The result? According to the New York Times, the changes "drastically curtailed the role of businesses, political committees and lobbyists in campaigns" and, importantly, "caused a major drop in donations from those doing business with the city." Such a system, implemented on the national level, could greatly increase the influence of average citizens. In the post-Citizens United era, there are already efforts afoot to weaken such systems. In Arizona, for example, the Chamber of Commerce is working aggressively to overturn the state's clean-money legislation. A push for national public financing, then, must be accompanied by a strong defense of those systems already in place.
The clearest and boldest counter to the court's ruling would be a constitutional amendment stating unequivocally that corporations are not people and do not have the right to buy elections. Rep. Donna Edwards (D-Md.) introduced such an amendment to counter Citizens United during the last session of Congress and views it as the only sure way to beat back the court. "Justice Brandeis got it right," she noted last February. " 'We can have democracy in this country, or we can have great wealth concentrated in the hands of a few, but we can't have both.' "
Campaigns for constitutional amendments demand a great deal of patience and tenacity.
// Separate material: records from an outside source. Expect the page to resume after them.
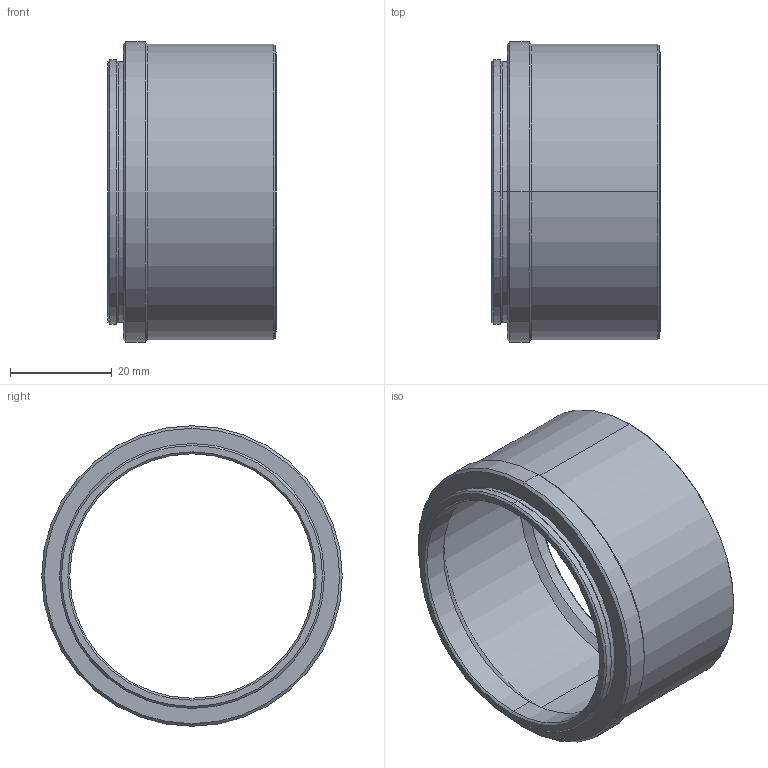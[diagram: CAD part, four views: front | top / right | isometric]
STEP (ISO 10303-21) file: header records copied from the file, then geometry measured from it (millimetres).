
FILE_DESCRIPTION (( 'STEP AP203' ), '1' );
FILE_NAME ('VS-EXR30_M52.STEP', '2016-06-08T08:09:36', ( 'miura_vst' ), ( '' ), 'SwSTEP 2.0', 'SolidWorks 2016', '' );
FILE_SCHEMA (( 'CONFIG_CONTROL_DESIGN' ));
Length unit declared in the file: millimetre
Products named in the file (1): VS-EXR30_M52
Bounding box: 33 x 59 x 59 mm (x, y, z)
Volume: 14178 mm3; surface area: 13133.7 mm2
Topology: 1 solids, 1 shells, 38 faces, 76 edges, 42 vertices
Faces by surface type: cone 20, cylinder 14, plane 4
Entity records: 1055 total; most frequent: DIRECTION 196, CARTESIAN_POINT 157, ORIENTED_EDGE 152, AXIS2_PLACEMENT_3D 81, EDGE_CURVE 76, EDGE_LOOP 42, CIRCLE 42, VERTEX_POINT 42
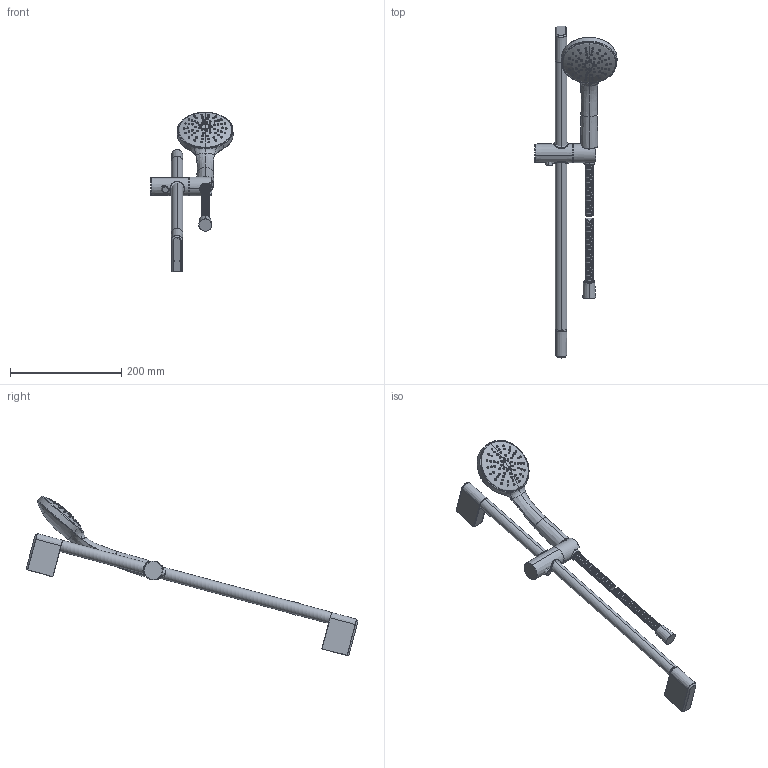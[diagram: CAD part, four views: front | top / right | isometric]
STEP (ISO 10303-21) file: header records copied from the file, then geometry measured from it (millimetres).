
FILE_DESCRIPTION((''),'2;1');
FILE_NAME('76513--','2026-09-24T11:26:03',('simi1'),(''),'CREO PARAMETRIC BY PTC INC, 2022244','CREO PARAMETRIC BY PTC INC, 2022244','');
FILE_SCHEMA(('CONFIG_CONTROL_DESIGN'));
Length unit declared in the file: millimetre
Products named in the file (1): 76513--
Bounding box: 147.34 x 596.1 x 286.83 mm (x, y, z)
Surface area: 163694.2 mm2 (no closed solid volume)
Topology: 0 solids, 97 shells, 846 faces, 2708 edges, 1901 vertices
Faces by surface type: cylinder 218, torus 180, cone 169, plane 160, bspline 101, revolution 8, sphere 8, extrusion 2
Entity records: 55400 total; most frequent: CARTESIAN_POINT 33239, ORIENTED_EDGE 4525, DIRECTION 4325, EDGE_CURVE 2700, VERTEX_POINT 1901, AXIS2_PLACEMENT_3D 1730, CIRCLE 995, B_SPLINE_CURVE_WITH_KNOTS 860

But as Jamie Raskin, a Democratic Maryland state senator and professor of constitutional law at American University, notes, "American citizens have repeatedly amended the Constitution to defend democracy when the Supreme Court acts in collusion with democracy's enemies." Not only is a push for an amendment a worthy act, it also provides a unique opportunity to educate the broader public, raise the profile of this important issue and force elected officials to go on record as to where they stand. The campaign could create enormous pressure on state legislatures and Congress, prompting changes to campaign finance even before an amendment is ratified.
Success will require a coalition that transcends party. In this case, there is promising news. An August 2010 Survey USA poll found that 77 percent of all voters - including 70 percent of Republicans and 73 percent of independents - view corporate spending in elections as akin to bribery. Broad majorities favor limiting corporate control over our political lives. A coordinated effort, executed right, could unite progressives, good-government reformers and conservative libertarians in a fight to restore democracy.
The multitude of reform groups working to build a more just and democratic political system understand that if this issue is to grip people's imaginations, it must be about more than process. In a nation where recovery still feels like recession, the suffocating grip of corporate money is anything but abstract. Mobilizing the American people to make reform a priority will demand making the clearest possible link between the rise of corporate power and the challenges of everyday lives.
That's not a tough pitch.
In just the past two years, corporate money can be blamed for watering down consumer protections and diluting health-care and financial reform. In truth, there is almost no conversation we have in American politics in which corporations don't occupy all the seats at the table. As Sen. Dick Durbin (D-Ill.) acknowledged while talking about big banks during last year's financial reform debate: "They frankly own the place."
Changing that dynamic might well be the central challenge of this generation. Reversing Citizens United is about more than any one issue or court case - it is, at its base, a question of whether American democracy itself can beat back a corporate takeover, whether our most cherished principles of self-government can ultimately prevail.